How to get data from the edge in a way that’s scalable (and actually do-able)
Posted: April 18, 2023
A recent global survey of operations and IT decision-makers shows that 94% of their organizations are at least planning to use industrial edge solutions in their operational activities. But even though industrial companies clearly understand just how valuable data from the edge can be, only about 1 in 10 organizations have actually entered advanced production of edge solutions. So, AVEVA is helping companies meet the challenges that have been keeping them from getting the edge data they want.
Typically, the industrial edge refers to local networks for remote assets. Those assets are often in widely distributed and unstaffed environments with unreliable connectivity. So, even if you don’t have remote assets, you can still think of your industrial edge as just including assets with data that’s difficult to access or manage.
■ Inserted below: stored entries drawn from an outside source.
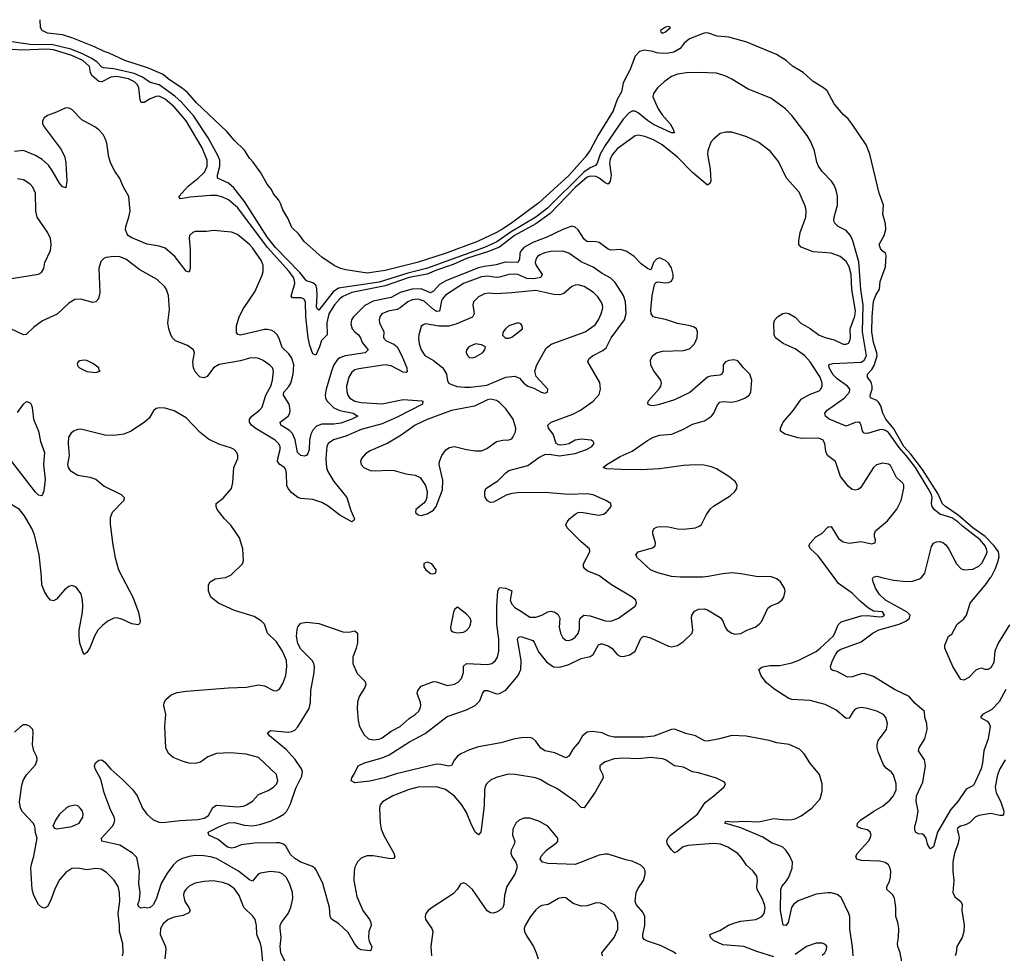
# Model space of a CAD drawing. Header units: inches. Extents: x 1449094 to 1618372, y 389908 to 534307.
# Tile 372 of 494: x 1552805 to 1559339, y 517506 to 523701. Entities that reach past the tile are written whole.
import ezdxf

# ---------------------------------------------------------------- set-up
doc = ezdxf.new("R2010")
doc.units = ezdxf.units.IN
doc.header["$MEASUREMENT"] = 0
doc.layers.add('B5551', color=7, linetype='Continuous')
doc.layers.add('B5552', color=7, linetype='Continuous')

msp = doc.modelspace()

# ---------------------------------------------------------------- linework, layer by layer
at = {"layer": 'B5551', "color": 5}
for points, elevation in [([(1553487.8, 520000), (1553556.1, 519870), (1553593.1, 519770), (1553604.9, 519710), (1553602.8, 519697.2), (1553590, 519685.2), (1553550, 519693.3), (1553482.6, 519722.6), (1553450, 519731.1), (1553430, 519729.7), (1553390, 519709.7), (1553355.8, 519684.2), (1553323.6, 519650), (1553301.7, 519610), (1553270, 519534), (1553250, 519502), (1553230, 519488), (1553204.7, 519564.7), (1553198.9, 519610), (1553200.4, 519650), (1553221, 519770), (1553223.5, 519810), (1553222.6, 519850), (1553211.9, 519891.9), (1553184.5, 519930), (1553170, 519940.5), (1553150, 519946), (1553130, 519939.6), (1553101.6, 519918.4), (1553050, 519857), (1553030, 519845.1), (1553009.5, 519850), (1552990, 519872.7), (1552970, 519906.6), (1552950.8, 519950), (1552948.7, 520000)], 560), ([(1554586.7, 517406.7), (1554538.9, 517510), (1554534.2, 517550), (1554540.7, 517610), (1554533.3, 517670), (1554533.7, 517690), (1554541.3, 517710), (1554586, 517770), (1554603.8, 517810), (1554616.4, 517870), (1554616, 517910), (1554596, 517970), (1554572.6, 518010), (1554550, 518031.2), (1554530, 518042.6), (1554470, 518048.7), (1554403.4, 518036.6), (1554388.4, 518030), (1554350, 517985.6), (1554330, 517994), (1554257.8, 518050), (1554110, 518134.1), (1554070, 518146.6), (1554027.4, 518152.6), (1553970, 518153.9), (1553930, 518147.9), (1553884.4, 518135.6), (1553850, 518117.5), (1553826.1, 518093.9), (1553782.5, 518037.5), (1553743, 517970), (1553710, 517865.2), (1553690, 517826.6), (1553670, 517809.7), (1553650, 517804.5), (1553630, 517809.3), (1553610, 517805.2), (1553595.1, 517815.1), (1553589.8, 517830), (1553598.9, 517861.1), (1553604, 517910), (1553595.4, 517970), (1553599.3, 518050), (1553581.4, 518141.4), (1553554.5, 518170), (1553470, 518223.1), (1553349.3, 518250), (1553347.6, 518270), (1553419.7, 518350), (1553431.1, 518370), (1553436, 518390), (1553432.2, 518410), (1553404.9, 518464.9), (1553365, 518570), (1553342.5, 518662.5), (1553304.7, 518730), (1553301.3, 518750), (1553308.3, 518770), (1553330, 518787.3), (1553350, 518790.5), (1553370, 518774.8), (1553408.8, 518728.8), (1553490, 518657.6), (1553556.5, 518590), (1553584.9, 518550), (1553619.8, 518470), (1553648.8, 518428.8), (1553690, 518392.3), (1553730, 518376.1), (1553754, 518374), (1553870, 518388.1), (1553987, 518393), (1554030, 518401.6), (1554058.7, 518421.3), (1554086.7, 518473.3), (1554110, 518489.3), (1554250, 518476.9), (1554290, 518481.3), (1554310, 518490.2), (1554350, 518515.6), (1554390, 518560.3), (1554454.6, 518585.4), (1554490, 518608.7), (1554510, 518628.4), (1554517.4, 518650), (1554510, 518692), (1554390, 518804.2), (1554308.3, 518828.3), (1554204.4, 518835.6), (1554110, 518832.6), (1554054, 518810), (1554004.9, 518775.1), (1553970, 518765.1), (1553930, 518767.4), (1553890, 518777.7), (1553824.3, 518804.3), (1553792.7, 518832.7), (1553774.7, 518870), (1553769.1, 519010), (1553773.8, 519090), (1553761.3, 519150), (1553764.2, 519170), (1553774, 519190), (1553810, 519222), (1553850, 519236), (1553910, 519245.3), (1554190, 519267.4), (1554310, 519271.5), (1554390, 519286.5), (1554430, 519280.9), (1554490, 519250.4), (1554510, 519248.4), (1554530, 519259.1), (1554550, 519296.3), (1554570.7, 519350), (1554578.4, 519410), (1554574.4, 519450), (1554549.6, 519510.4), (1554510, 519572.4), (1554449.7, 519629.7), (1554430, 519689.2), (1554409.6, 519710), (1554359.8, 519739.8), (1554230, 519781.2), (1554124.4, 519830), (1554073, 519870), (1554057, 519910), (1554058, 519950), (1554069.6, 519970.4), (1554102, 519990), (1554167.4, 520000)], 560), ([(1557810, 517482.6), (1557697.2, 517517.2), (1557610, 517551.2), (1557470, 517562.3), (1557409.7, 517590), (1557388.3, 517610), (1557385.1, 517630), (1557390, 517633.7), (1557450, 517657.5), (1557508.2, 517691.8), (1557550, 517708.3), (1557590, 517719.5), (1557690, 517730.2), (1557729.7, 517750), (1557745.3, 517770), (1557751.4, 517808.6), (1557746.8, 517830), (1557731.9, 517870), (1557699.8, 517930), (1557696.1, 517950), (1557700.4, 517990), (1557696.8, 518016.8), (1557671.3, 518050), (1557628.2, 518090), (1557597.4, 518137.4), (1557570, 518167.3), (1557504.5, 518210), (1557455.1, 518230), (1557410, 518234.9), (1557237.9, 518222.1), (1557203.1, 518210), (1557170, 518181.1), (1557150, 518171.5), (1557130, 518191.6), (1557103.1, 518230), (1557098.5, 518250), (1557106.4, 518270), (1557123.1, 518290), (1557303.9, 518430), (1557353.1, 518506.9), (1557411.6, 518550), (1557479, 518610), (1557489, 518630), (1557481.2, 518641.2), (1557428.2, 518668.2), (1557310, 518703.5), (1557269.2, 518710), (1557210, 518741), (1557150, 518751), (1557090, 518789.7), (1557070, 518795.8), (1556990, 518804.4), (1556910, 518796.5), (1556810, 518801.5), (1556750, 518796.5), (1556684.7, 518775.3), (1556654.9, 518750), (1556654.4, 518730), (1556675.6, 518690), (1556676.1, 518670), (1556624.7, 518575.3), (1556550, 518471.8), (1556530, 518473.6), (1556494.7, 518510), (1556370, 518600.4), (1556308.9, 518628.9), (1556258.7, 518658.7), (1556228.7, 518670), (1556093.5, 518693.5), (1556050, 518694.8), (1556031, 518691), (1555967, 518673), (1555930, 518655.1), (1555903.7, 518630), (1555893.1, 518610), (1555889.1, 518590), (1555887.6, 518487.6), (1555870, 518342), (1555864.2, 518310), (1555850, 518291.6), (1555828.2, 518310), (1555797.8, 518370), (1555770, 518439.7), (1555739.4, 518490), (1555690, 518548), (1555630, 518592.5), (1555570, 518611.6), (1555450, 518607.5), (1555390, 518591.9), (1555282, 518550), (1555213.4, 518510), (1555196.5, 518490), (1555191.8, 518470), (1555197.1, 518370), (1555203.5, 518330), (1555224.1, 518284.1), (1555288.4, 518170), (1555294.2, 518145.8), (1555284.9, 518135.1), (1555268, 518132), (1555150, 518153.3), (1555110, 518152.4), (1555090, 518146.9), (1555070, 518136.3), (1555047.2, 518112.8), (1555030, 518078), (1555023.5, 518050), (1555022.7, 517990), (1555043.2, 517883.2), (1555083.1, 517790), (1555126.4, 517730), (1555135.5, 517710), (1555136.3, 517690), (1555122.4, 517650), (1555120.4, 517610), (1555123.1, 517583.1), (1555141, 517550), (1555138, 517530), (1555130, 517522), (1555070, 517529.2), (1555050, 517539.3), (1555026.9, 517570), (1554985, 517644.9), (1554921.8, 517701.8), (1554873.4, 517733.4), (1554865.1, 517750), (1554861.3, 517810), (1554815.8, 517970), (1554774.6, 518054.6), (1554763.5, 518070), (1554744.6, 518084.6), (1554670, 518110.4), (1554630, 518134.8), (1554601.6, 518161.6), (1554570, 518217.2), (1554556.4, 518230), (1554530, 518238.7), (1554510, 518239.9), (1554363.7, 518236.3), (1554274.2, 518225.8), (1554233, 518207), (1554210, 518202.5), (1554183.5, 518210), (1554121.8, 518261.8), (1554059.5, 518290), (1554054.5, 518310), (1554134.7, 518350), (1554189.5, 518370.6), (1554230, 518373), (1554295.5, 518355.5), (1554350, 518352.6), (1554399.4, 518360.6), (1554470, 518383.4), (1554515.8, 518404.2), (1554557, 518430), (1554577.7, 518450), (1554602.7, 518497.3), (1554637.3, 518602.7), (1554677.6, 518682.4), (1554680.7, 518710), (1554675, 518730), (1554632.4, 518792.4), (1554576, 518856), (1554463.5, 518950), (1554449.6, 518970), (1554470, 518984.9), (1554586.1, 518973.9), (1554610, 518977.1), (1554630, 518987.2), (1554650, 519007.8), (1554726.6, 519130), (1554734, 519170), (1554737.4, 519250), (1554759.3, 519370), (1554761.8, 519410), (1554757.6, 519430), (1554746.4, 519450), (1554670, 519524.1), (1554650, 519562), (1554642, 519610), (1554645.4, 519654.6), (1554650, 519671.3), (1554670, 519696), (1554710, 519704), (1554790, 519693.4), (1554950, 519639.3), (1554990, 519636.4), (1555030, 519646), (1555046, 519630), (1555047.1, 519567.1), (1555038, 519530), (1555014.7, 519470), (1555014.7, 519430), (1555043.5, 519363.5), (1555098, 519310), (1555102.4, 519290), (1555095.8, 519270), (1555057.4, 519210), (1555047.3, 519172.7), (1555045.2, 519130), (1555051.3, 519050), (1555060.8, 519010), (1555090, 518954.9), (1555120.7, 518930), (1555150, 518923.1), (1555190, 518927.8), (1555210, 518934.9), (1555270, 518980.7), (1555330, 519011.3), (1555390, 519064.7), (1555429.9, 519090.1), (1555450.5, 519109.5), (1555463.1, 519130), (1555466.8, 519150), (1555465, 519170), (1555442.4, 519230), (1555446.2, 519250), (1555470, 519277.6), (1555550, 519309.2), (1555570, 519307.2), (1555644, 519284), (1555690, 519291.3), (1555715.1, 519304.9), (1555737.2, 519330), (1555750.7, 519370), (1555749.1, 519410.9), (1555770, 519429.1), (1555910, 519421.6), (1555937, 519430), (1555963, 519450), (1555974.7, 519470), (1555984.1, 519510), (1555984.7, 519590), (1555971.3, 519690), (1555971.6, 519808.4), (1555977, 519910), (1555990, 519934), (1556031.3, 519930), (1556070.4, 519910.3), (1556060.2, 519850), (1556070, 519822), (1556090, 519800.7), (1556135, 519775), (1556190, 519735.8), (1556230, 519735.6), (1556269.6, 519750), (1556310, 519771.9), (1556330, 519775.4), (1556350.8, 519770.8), (1556375.4, 519755.4), (1556390.3, 519730), (1556385.6, 519670), (1556393.6, 519630), (1556410, 519598.4), (1556430, 519584.2), (1556450, 519581.7), (1556470, 519588.9), (1556490, 519603.7), (1556510, 519628.4), (1556520.3, 519659.7), (1556520.4, 519710), (1556525.1, 519730), (1556549.4, 519750), (1556590, 519745.5), (1556690, 519712.6), (1556730, 519710.3), (1556779.3, 519730), (1556889, 519810), (1556899, 519830), (1556894, 519850), (1556868.7, 519870), (1556732.7, 519950), (1556665.4, 520000)], 540), ([(1558336.5, 517490), (1558332, 517548), (1558313.3, 517666.7), (1558313.1, 517750), (1558307.9, 517770), (1558255.4, 517875.4), (1558230, 517897.1), (1558190, 517907.4), (1558167.4, 517907.4), (1558090, 517898.9), (1557970, 517853), (1557939.7, 517830), (1557926.3, 517810), (1557903.6, 517710), (1557890, 517689.6), (1557871.9, 517691.9), (1557852.7, 517790), (1557855.5, 517930), (1557862.9, 517950), (1557890, 517980.7), (1557908.4, 518010), (1557931.3, 518070), (1557933.6, 518110), (1557913.9, 518153.9), (1557889.8, 518190), (1557869.2, 518209.2), (1557850, 518219.4), (1557797.5, 518237.5), (1557736.1, 518276.1), (1557590, 518339.2), (1557484, 518370), (1557490, 518382), (1557538, 518378), (1557610, 518382), (1557710, 518378.9), (1557810, 518399.7), (1557891.7, 518391.7), (1557930, 518393.6), (1557950, 518398.8), (1557990, 518419), (1558061.5, 518470), (1558117.6, 518530), (1558130, 518582), (1558130.8, 518630), (1558111.4, 518691.4), (1558049.2, 518769.2), (1558010.6, 518830.6), (1557980.4, 518860.4), (1557912.3, 518892.3), (1557830, 518903.6), (1557778, 518918), (1557625.9, 518945.9), (1557530, 518952.2), (1557448.2, 518928.2), (1557370, 518914), (1557350, 518916.8), (1557290, 518948.4), (1557225.5, 518965.5), (1557150, 518993.1), (1557129.3, 518990.7), (1557012.9, 518947.2), (1556950, 518939.5), (1556750, 518941.1), (1556712.7, 518950), (1556670, 518968.3), (1556602.9, 518977.1), (1556570, 518973), (1556540.5, 518950), (1556517, 518910), (1556477.4, 518862.6), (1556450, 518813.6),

Organizations often encounter multiple challenges when creating solutions at the edge:
- High costs for replacing or updating legacy IT infrastructure, along with even more costs for implementing new software and storing data.
- Mitigating risks concerning data loss, controls, lifecycle management and security.
- Lack of understanding about edge data and related technologies.
Enel, the world’s largest private player in renewables, is overcoming those challenges. The company described its edge journey in its AVEVA PI World Amsterdam 2022 presentation. No longer settling for data just from generating units, Enel’s analysts set their eyes on data from pipelines, aqueducts, wells, weather stations, individual photovoltaic panels, and more.
After Enel established AVEVA™ PI System™ as its cross-technology platform for data collection from all its plants, the global enterprise turned to some of AVEVA’s edge data collection solutions for solving three edge problems.
Enel wanted to expand its solar plant analysis to incorporate angle data for each individual solar panel. But that data would take as many as tens of thousands of streams at each plant—up from the mere hundreds of streams the existing network had been collecting from solar inverters. Sending that much data would burden Enel’s existing network. Improving network links would require excessive time and costs.
So, Enel installed AVEVA’s lightweight Edge Data Store software on its existing infrastructure, eliminating the need for additional hardware. Edge Data Store collects data from the individual panels, stores the granular data, and lets Enel apply custom aggregation scripts via REST API. It enables egress of just the aggregate data across Enel’s network and into the company’s existing AVEVA PI Server. Edge Data Store enabled the granular analysis Enel desired, while requiring fewer resources and deploying faster than alternatives.
Enel’s hydro- and geothermal power generation plants have many pipelines, aqueducts, wells and weather stations. Enel hadn’t collected data from these assets because the plants all had individual datalogger systems with no consistency from site to site. But then Enel saw how it could use AVEVA software to collect and aggregate data from those disparate assets.
It installed low cost IoT sensors on the assets and configured them to send data to an MQTT broker on an edge device. On the same edge device, Enel installed AVEVA Adapter for MQTT, which subscribes to the MQTT broker and sends all the sensor data to Enel’s existing AVEVA™ PI Server. Enel characterizes this simple and lightweight architecture as a proven, cost-effective, easily integrated, and scalable off-the-shelf solution for standardizing remote data collection across existing and new plants.
Enel has a global architecture with many different departments running many different network, hardware, and software components. The inevitable failures and maintenance activities required for this size of an organization can affect data flows. To mitigate interruptions, Enel’s Digital Hub team developed a data collection backup strategy.
Previous manual methods had proven too expensive. So, Enel installed AVEVA Adapter for OPC UA on existing servers alongside its existing data collection technology. When a user needs to recover data, they define an interval for recovery and Enel’s centralized queue management service, along with a custom script, communicates the interval to AVEVA Adapter for OPC UA. The adapter then provides the data from during that interval from Enel’s AVEVA PI Server. Enel can now flexibly recover data from a centralized environment without the need for different VPN connections or additional infrastructure.
Enel’s successes demonstrate that AVEVA provides proven, cost-effective, easily integrated, and scalable edge solutions that require fewer resources and deploy faster than alternatives. And that’s before AVEVA’s most recent release, which now combines the edge technologies above with other AVEVA solutions.
This new release will help you easily and securely deploy data collection, storage and local data access at scale—as well as manage the lifecycle of the software and its configuration all from a centralized location, managed by AVEVA. We at AVEVA understand that manually deploying software on your assets at scale can be expensive and time-consuming. We understand that you need reliable, manageable and affordable access to your company’s remote data.